The organisers of an ECI - a citizens' committee composed of at least 7 EU citizens, resident in at least 7 different Member States - have one year to gather the necessary support. Signatures must be certified by the competent authorities in each Member State. Organisers of successful initiatives are invited to take part in a hearing at the European Parliament. The European Commission then has three months to examine the initiative and decide how to act upon it.

 
 

What is the difference between an ECI and a petition?

The right to petition the European Parliament, which already existed under previous EU treaties, differs substantially from the European Citizens’ Initiative (ECI) introduced by the Lisbon Treaty.


·         Petitions are addressed to the European Parliament in its role as the direct representative of citizens at EU level. An ECI, by contrast, enables citizens to call directly on the European Commission to table new proposals for laws - if they have sufficient support across the EU.


·         Petitions need not be backed by a minimum number of signatures or a minimum geographical spread of support in multiple EU countries.

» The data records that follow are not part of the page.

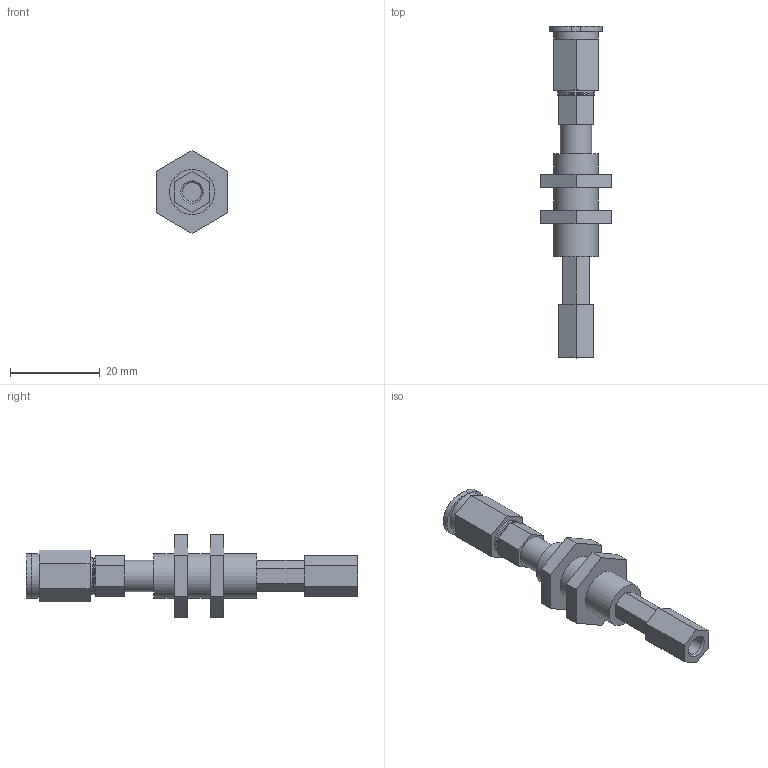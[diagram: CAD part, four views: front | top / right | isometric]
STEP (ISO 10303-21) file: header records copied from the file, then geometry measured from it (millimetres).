
FILE_DESCRIPTION( ( 'STEP AP214' ), '1' );
FILE_NAME( 'D:/Backup/桌面/CM-S04.stp', '2024-10-10T06:05:26', ( 'License CC BY-ND 4.0' ), ( 'CADENAS' ), ' ', 'PARTsolutions', ' ' );
FILE_SCHEMA( ( 'AUTOMOTIVE_DESIGN { 1 0 10303 214 1 1 1 1 }' ) );
Length unit declared in the file: millimetre
Products named in the file (1): _CM-S04
Bounding box: 16 x 73.9 x 18.48 mm (x, y, z)
Volume: 4411.2 mm3; surface area: 4141.1 mm2
Topology: 1 solids, 1 shells, 85 faces, 190 edges, 121 vertices
Faces by surface type: plane 68, cylinder 13, cone 4
Full cylindrical faces by diameter (mm): 3.6 x1, 4 x1, 4.134 x1, 6 x1, 7 x1, 8.17 x2, 9.8 x1, 10 x3
Entity records: 2914 total; most frequent: DIRECTION 384, CARTESIAN_POINT 374, ORIENTED_EDGE 342, EDGE_CURVE 171, LINE 130, VECTOR 130, AXIS2_PLACEMENT_3D 127, VERTEX_POINT 117

·         Petitions may be submitted by EU citizens as well by natural or legal persons residing or having their registered office in a member state, either individually or in association with other citizens or persons.

 

 

 
 

Examples of ECIs already under way

European Citizens’ Initiatives have been launched to achieve the following aims:


- to ensure that EU citizens residing in another Member State are given the right to vote in all political elections in their country of residence ("Let me vote"),


- to prohibit, prevent and pre-empt Ecocide, the extensive damage to, destruction of or loss of ecosystems ("End Ecocide in Europe"),


- to impose a 30km/h EU-wide default speed limit for urban/residential areas ("30 km/h - making the streets liveable!"),


- to enable all European citizens to participate in European politics ("Central public online collection platform for the European Citizen Initiative"),


- to suspend the 2009 EU Climate & Energy Package until a climate agreement is signed by major CO2 emitters - China, USA, and India("Suspension of the EU Climate & Energy Package"),


- to phase out animal experiments ("Stop vivisection"), and


- to provide legal protection for dignity ("One of us").

 
 

Next steps

After consulting the authors of the initiative in a public hearing and examining it carefully, the European Commission will give a formal response, by 20 March 2014, spelling out what action it intends to take, if any, and its reasons. This response, which will take the form of a communication, will be formally approved by the College of Commissioners and published in all official EU languages.


If the Commission decides to put forward a legislative proposal in response to a citizens’ initiative, the formal legislative procedure kicks off. The Commission proposal is submitted to the legislator (the European Parliament and the Council, or in some cases only the Council), which will need to approve it for it to become law.